Releases: elharirymatteo/RANS
ICRA 24
DRIFT - Release Notes
Overview
This release corresponds to the version of the code used in the research paper titled "DRIFT: Deep Reinforcement Learning for Intelligent Floating Platforms Trajectories". The problem formulation, simulation details, training procedure, and benchmarks discussed in the paper are based on this version.
Problem Formulation
The problem is formulated as a sequential decision-making task to control a floating platform's maneuvers within a 2D space. The state space, actions, and task-specific observations are defined as per the equations and tables provided in the paper.
3DoF Thrusters Configuration | 6DoF Thrusters Configuration |
---|---|
Reward Functions
Three reward functions for different tasks (Go to position, Go to pose, Track velocity) are defined as exponential terms (as described in the paper). These reward functions have been utilized for training the agents in this version.
Simulation
The simulation enhancements based on the RANS framework (RANS v2.0) have been integrated to perform more complex tasks.

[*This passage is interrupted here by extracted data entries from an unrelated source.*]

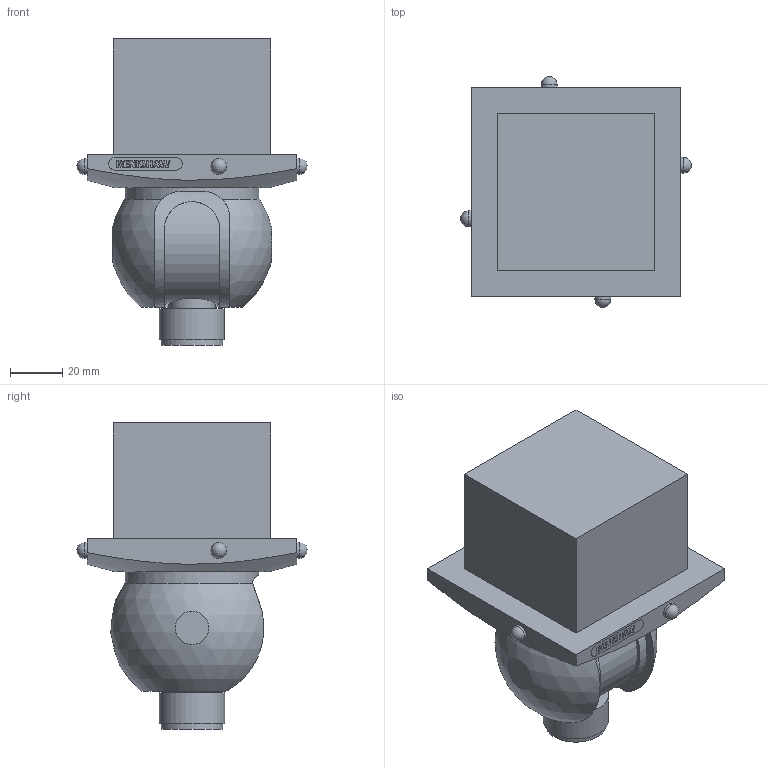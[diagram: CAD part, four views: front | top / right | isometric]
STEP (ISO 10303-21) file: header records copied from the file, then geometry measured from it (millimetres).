
FILE_DESCRIPTION(/* description */ (''),/* implementation_level */ '2;1');
FILE_NAME(/* name */ 'LA-1036-0001#-A.stp',/* time_stamp */ '2012-09-05T08:30:30+01:00',/* author */ (''),/* organization */ (''),/* preprocessor_version */ 'ST-DEVELOPER v11',/* originating_system */ 'SIEMENS PLM Software NX 7.5',/* authorisation */ '');
FILE_SCHEMA (('AUTOMOTIVE_DESIGN { 1 0 10303 214 1 1 1 1 }'));
Length unit declared in the file: millimetre
Products named in the file (1): rt13296Bv831
Bounding box: 87.96 x 87.96 x 116.69 mm (x, y, z)
Volume: 332564.3 mm3; surface area: 57134.3 mm2
Topology: 3 solids, 5 shells, 98 faces, 360 edges, 295 vertices
Faces by surface type: plane 58, cylinder 33, sphere 5, cone 2
Full cylindrical faces by diameter (mm): 6 x4, 8.15 x1, 16.94 x1, 17.8 x1, 23.5 x1, 24.95 x1, 45 x2, 50.95 x1, 52.85 x1
Entity records: 4733 total; most frequent: CARTESIAN_POINT 1220, ORIENTED_EDGE 646, DIRECTION 465, EDGE_CURVE 323, VERTEX_POINT 282, AXIS2_PLACEMENT_3D 166, EDGE_LOOP 147, LINE 133

It includes parameterized rewards, penalties, disturbance generators, and allows action and state noises to be injected.Training Procedure
The training procedure is based on the PPO (Proximal Policy Optimization) algorithm with specific network configurations that can be checked in the training conf files:.
├── cfg
│ ├── task # Task configurations
│ │ └── virtual_floating_platform # Virtual floating platform task configurations
│ └── train # Training configurations
│ └── virtual_floating_platform # Virtual floating platform training . The agents undergo training for a total of 2000 epochs or approximately 130M steps.
The agents undergo training for a total of 2000 epochs or approximately 130M steps.
Benchmark Comparison
This version includes a benchmark comparison between deep reinforcement learning (DRL) and optimal control approaches (LQR) for controlling the floating platform. The comparison aims to provide insights into the strengths and weaknesses of each approach.Optimal Controller
An infinite horizon discrete-time LQR controller is implemented to compare with the DRL algorithm for controlling the floating platform. The state variables and corresponding state matrices for the LQR controller are calculated using finite differencing.Laboratory Experiment Setup
Real-world validation experiments were conducted using the physical air bearings platform located in the ZeroG Laboratory at the University of Luxembourg. Details about the laboratory setup and experimental procedures can be found in the paper.Astra 2023
ASTRA - Release Notes
Overview
This release corresponds to the version of the code used in the research paper titled "RANS: Highly-Parallelised Simulator for Reinforcement learning based Autonomous Navigating Spacecrafts." The repository contains the implementation and simulation environment (RANS) discussed in the paper. It serves as a valuable resource for reproducing the experiments and understanding the methodologies employed in the research.
Introduction
RANS (Reinforcement learning-based Autonomous Navigation for Spacecrafts) is designed to address the specific needs of RL-based spacecraft navigation. The primary aim of RANS is to bridge the gap between available simulation tools and the specialized requirements of spacecraft navigation using reinforcement learning. RANS offers a new alternative to design autonomous trajectories in 2D and 3D space.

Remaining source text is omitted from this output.